A version of this question has been asked a few times but never in the simplest way. Basically, the stats::chisq.test
function doesn't work when the sample sizes between the two groups are uneven, despite the fact that chi-square tests are supposed to work with unequal sample sizes, from what I understand.
Here is some test data:
df1 <- data.frame("x" = c("Yes","No","Yes","No","Yes","No","Yes","No","Yes","No","Yes","No","Yes","No","Yes","No"))
df2 <- data.frame("x" = c("Yes","Yes","Yes","Yes","Yes","Yes","Yes","Yes","No","Yes","No","Yes","Yes","Yes","No"))
My goal is to see whether there is a difference in the outcome x
(i.e., is the outcome "yes" or "no") between two groups of unequal sample size. But when I run the following code:
chisq.test(table(df1$x,df2$x))
I get the following error:
Error in table(df1$x, df2$x) : all arguments must have the same length
Is there a simple fix for this besides creating a new dataframe that has equal sample sizes by adding NAs to the shorter df? Why does this error even exist if chi-square tests can run with unequal sample sizes in the groups being compared?
Ok, so this is a pretty elementary statistical issue but it took a lot of effort for me to figure this out and I think other people might get similarly confused about some of this. This is also quite a fraught issue because it can impact how you interpret your data (the p-values are wrong if you set this up incorrectly!). So it's important to wrap your head around.

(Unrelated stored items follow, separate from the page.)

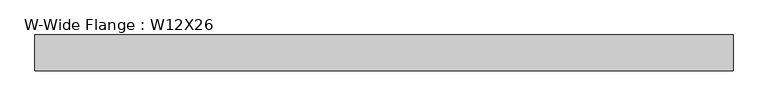
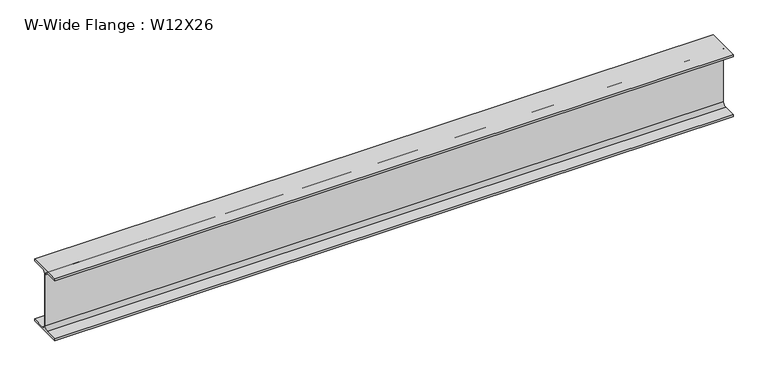
"""IFC4 building model written with IfcOpenShell, lengths in millimetres: beam geometry, W-Wide Flange : W12X26."""

from ifc_helpers import new_model, si_unit, point, frame, frame_2d, origin, place, context, project, spatial, polyline, circle_curve, trimmed, segment, composite_curve, outline, extrude, source, transform, mapped, element, save


def w_wide_flange_w12x26_aed03dbc(model_context):
    return source(origin(), model_context, "Body", "SweptSolid", [
        extrude(outline(composite_curve([segment(polyline([(82.4011719, -145.5539063), (82.4011719, -155.178125), (-82.4011719, -155.178125), (-82.4011719, -145.5539063), (-20.2902344, -145.5539063)]), True, "CONTINUOUS"), segment(trimmed(circle_curve(frame_2d((-20.2902344, -128.190625)), 17.3632812), [point((-20.2902344, -145.5539063))], [point((-2.9269531, -128.190625))], True, "CARTESIAN"), True, "CONTINUOUS"), segment(polyline([(-2.9269531, -128.190625), (-2.9269531, 128.190625)]), True, "CONTINUOUS"), segment(trimmed(circle_curve(frame_2d((-20.2902344, 128.190625)), 17.3632812), [point((-2.9269531, 128.190625))], [point((-20.2902344, 145.5539062))], True, "CARTESIAN"), True, "CONTINUOUS"), segment(polyline([(-20.2902344, 145.5539062), (-82.4011719, 145.5539062), (-82.4011719, 155.178125), (82.4011719, 155.178125), (82.4011719, 145.5539062), (20.2902344, 145.5539062)]), True, "CONTINUOUS"), segment(trimmed(circle_curve(frame_2d((20.2902344, 128.190625)), 17.3632812), [point((20.2902344, 145.5539062))], [point((2.9269531, 128.190625))], True, "CARTESIAN"), True, "CONTINUOUS"), segment(polyline([(2.9269531, 128.190625), (2.9269531, -128.190625)]), True, "CONTINUOUS"), segment(trimmed(circle_curve(frame_2d((20.2902344, -128.190625)), 17.3632812), [point((2.9269531, -128.190625))], [point((20.2902344, -145.5539063))], True, "CARTESIAN"), True, "CONTINUOUS"), segment(polyline([(20.2902344, -145.5539063), (82.4011719, -145.5539063)]), True, "CONTINUOUS")], self_intersect=False)), frame((-1606.5838521, 0.0, 0.0), z_axis=(1.0, 0.0, 0.0), x_axis=(0.0, 1.0, 0.0)), (0.0, 0.0, 1.0), 3213.1677042),
    ])


if __name__ == "__main__":
    model = new_model("IFC4")
    model_context = context("Model", 3, world=origin())
    ifc_project = project(units=[si_unit("LENGTHUNIT", "METRE", prefix="MILLI")], contexts=[model_context])
    site = spatial("IfcSite", under=ifc_project)
    building = spatial("IfcBuilding", under=site)
    placement = place(None, origin())
    w_wide_flange_w12x26_shape = w_wide_flange_w12x26_aed03dbc(model_context)
    element("IfcBeam", 1, ObjectType="W-Wide Flange : W12X26", at=placement, inside=building, context=model_context, shape_type="MappedRepresentation", body=[
        mapped(w_wide_flange_w12x26_shape, transform((0.0, 0.0, 0.0), x_axis=(1.0, 0.0, 0.0), y_axis=(0.0, 1.0, 0.0), z_axis=(0.0, 0.0, 1.0))),
    ])
    save(model, "model.ifc")

# Revit data of these elements
# Type "W-Wide Flange : W12X26"
#   Assembly Code = "B10"
#   W = 26
#   Length [instance default] = 5' - 0"
#   bf = 0' - 6 125/256"
#   d = 1' - 0 7/32"
#   k = 0' - 1 1/16"
#   k2 = 0' - 0 175/256"
#   tf = 0' - 0 97/256"
#   tw = 0' - 0 59/256"
#   A = 0.053125 SF
#   Structural Material [instance default] = none
# Element 1 (IfcBeam, "W-Wide Flange : W12X26")
#   Structural Material = Dark metal
#   Materials on its faces: "Dark metal"
# Materials
#   "Dark metal": class "Generic", colour RGB 44 29 29, transparency 0, Cost = 0

Imagine you have a dataset like this:
df <- data.frame(group1 = c(rep("hot",9),"cold"),
group2 = c(rep("hot",5),rep("cold",5)))
> df
group1 group2
1 hot hot
2 hot hot
3 hot hot
4 hot hot
5 hot hot
6 hot cold
7 hot cold
8 hot cold
9 hot cold
10 cold cold
You're interested in whether being in group1 and group2 is associated with being hot or cold. If you're like me, you might assume you can do a chi-square test comparing the two groups with:
m <- chisq.test(df$group1, df$group2)
m
Resulting in:
Pearson's Chi-squared test with Yates' continuity correction
data: df$group1 and df$group2
X-squared = 0, df = 1, p-value = 1
Those statistics are obviously incorrect. The reason is the structure of your data. Rather than comparing proportions in group1 to proportions in group2, R is doing a sort of rowwise comparison of proportions of people who are hot in group1 and hot in group2 to people who are hot in group1 and cold in group2, etc., an analysis that doesn't make sense given your question. You can see this by calling the observed frequency table that the chi-square test is basing the analysis on:
m$observed
df$group2
df$group1 cold hot
cold 1 0
hot 4 5
To answer the question you're actually interested in ("is there an association between group and temperature"), you need to change the structure of the data you are calling in the chi-square function:
df2 <- df %>%
pivot_longer(cols = c("group1","group2"),
names_to = "group",
values_to = "temperature") %>%
arrange(group)
df2
# A tibble: 20 × 2
group temperature
<chr> <chr>
1 group1 hot
2 group1 hot
3 group1 hot
4 group1 hot
5 group1 hot
6 group1 hot
7 group1 hot
8 group1 hot
9 group1 hot
10 group1 cold
11 group2 hot
12 group2 hot
13 group2 hot
14 group2 hot
15 group2 hot
16 group2 cold
17 group2 cold
18 group2 cold
19 group2 cold
20 group2 cold
Now we can call the chi-square function correctly, and we see that the observed frequencies are what we expected:
> p <- chisq.test(df2$temperature, df2$group)
> p
Pearson's Chi-squared test with Yates' continuity correction
data: df2$temperature and df2$group
X-squared = 2.1429, df = 1, p-value = 0.1432
> p$observed
df2$group
df2$temperature group1 group2
cold 1 5
hot 9 5
Of course, you don't actually have to reformat your data like this to do the chi-square test. Instead, you can use the helpful code from the other answers above to create a frequency table that has the values you're interested in. But for me at least it was helpful to write all this out to see what you're actually testing. I think in general, if you're running into issues where you're running chi-square tests and R is throwing errors about uneven rows, you might have set up your chi-square function incorrectly.